In school we learn of universals, but science doesn’t understand suffering, otherness, and evil like literature does (hence, literature and the pain it takes note of and reflects on, as well as the movement from nothing to everything is, for Serres, a prerequisite). While science speaks to the truth of the global, literature speaks to the pain of the local:

Literature has cried misery and suffering since its birth. Science has not yet learned the language of this sob. In this tragic place begins the reason of the third-instructed.   Suffering and misfortune, pain injustice, and hunger are found at the point where the global touches the local, the universal the singular, power weakness, knowledge blindness. (70)

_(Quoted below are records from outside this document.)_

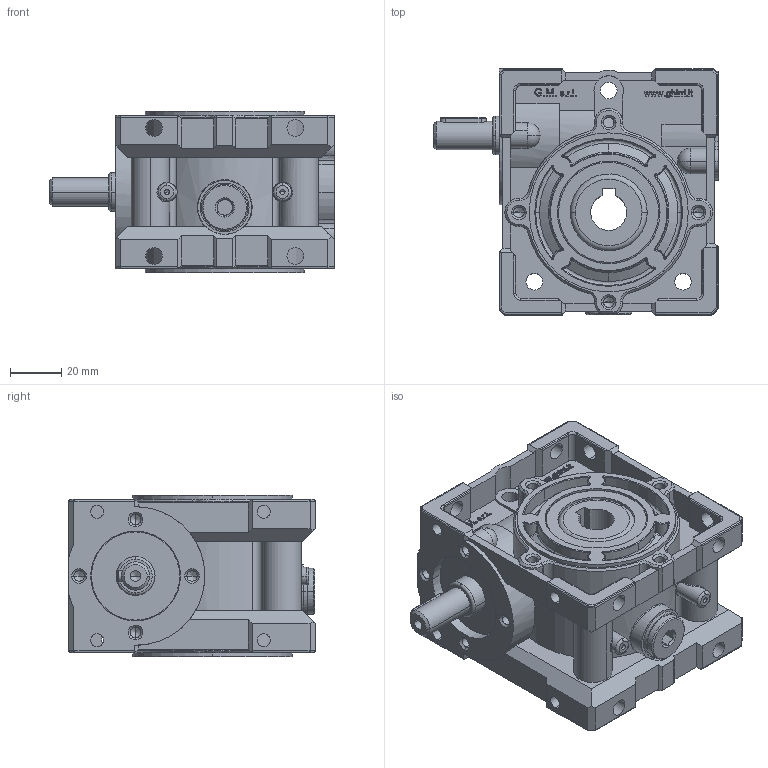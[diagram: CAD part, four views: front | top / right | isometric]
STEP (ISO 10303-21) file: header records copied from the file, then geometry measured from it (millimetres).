
FILE_DESCRIPTION((''),'2;1');
FILE_NAME('\\Gmtech3\usr\3D\MV_V\30\STP\V30.stp','2005-06-10T11:01:31',('tech2'),(''),'Autodesk Inventor 9','Autodesk Inventor 9','');
FILE_SCHEMA(('AUTOMOTIVE_DESIGN { 1 0 10303 214 1 1 1 1 }'));
Length unit declared in the file: millimetre
Products named in the file (11): V30; 4003001-A0; 4003008-A0; Capp-28-7; VITE_MV30; UNI-ISO 6194-1 (4) Tipo4 15 x  35 x  7; Paraolio-30-40-7; Paraolio-30-55-7; Guarnizione 1_4 GAS; Tappo 1_4 GAS; UNI 6604  A A 4 x  4 x  18
Assembly tree (10 placements, depth 2):
  V30
    4003001-A0
    4003008-A0
    Capp-28-7
    VITE_MV30
    UNI-ISO 6194-1 (4) Tipo4 15 x  35 x  7
    Paraolio-30-40-7
    Paraolio-30-55-7
    Guarnizione 1_4 GAS
    Tappo 1_4 GAS
    UNI 6604  A A 4 x  4 x  18
Bounding box: 111 x 96 x 63 mm (x, y, z)
Volume: 323171.8 mm3; surface area: 102953.2 mm2
Topology: 10 solids, 12 shells, 1531 faces, 3986 edges, 2522 vertices
Faces by surface type: plane 521, bspline 416, cylinder 355, cone 171, torus 54, sphere 14
Entity records: 53034 total; most frequent: CARTESIAN_POINT 16683, ORIENTED_EDGE 7864, DIRECTION 6921, EDGE_CURVE 3932, VERTEX_POINT 2520, AXIS2_PLACEMENT_3D 2314, VECTOR 2293, LINE 2293

A great example of how becoming nothing can become a transitional point can be found in Homer’s Odyssey. While Theodor Adrono sees Odysseus (the main character of Homer’s Odyssey) as the example of the cunning mind that elevates reason and the will to power over mythology, Serres sees Odysseus as challenging the power of speech and reason by becoming “Nohbdy” (the spelling marks his exclusion).   This marks a moment in the text when Odysseus has to confront Polyphemous, the Cyclops.

Odysseus – at the point in the narrative – has lost nearly all of his power. Serres contrasts this to the all-powerful Cyclops whose “eye” is like a “laser beam” – it sees more and better (seeing = power):

Who will cauterize this implacable light?…A man named Nohbdy. A man who has wandered for such a long time, by sea and outside islands, that he has lost everything, that is vessels and his sandals, his tunic, his plans, even his own name still forsake him today. He is no longer counted. (66)

In contrast to him is Polyphemous, “that means: the one who speaks a lot, the one of whom one often speaks a lot….He counts a lot. All of his glory emanates from his eye”(66).   Serres calls Polyphemous an “encyclopediest” who has “a one hundred thousand striking or rigorous words at his disposal.”

When Odysseus manages to “cauterize the giant gaze, in the center, with his pointed sword, he blinds himself”(67). Serres, in other words, sees this act as an act of self-abasement and becoming invisible (becoming nothing and “nohbdy”):

He effaces Polyphemous, his own pen name, his beautiful, renowned last name, not in order to adopt a new moniker, but to renounce all: here he is, invisible, Nohbdy. He leaves the glory and the power….and flees from the den in the belly of a wooly ram, not taken, not seen. Nobody sees him reborn from the black hole of the grotto, by means of an invisible and animal birth. (67)

In other words, Nohbdy is “reborn” (nohbdy becomes an “author”) by way of becoming other, becoming animal.   The nothing –the third – becomes the milieu through which communication and reflection is possible.     This is what goes on before Odysseus returns home or before he crosses the threshold and enters the school.   Serres suggests, here, how literature can take us through the paradox of nothing becoming something. But ultimately, this process is not tragic. Rebirth is comic. The movement from nothing to something is a movement through pain. It tells us the story of how one goes from a complete unknown, to becoming, as Bob Dylan would say, a “rolling stone.”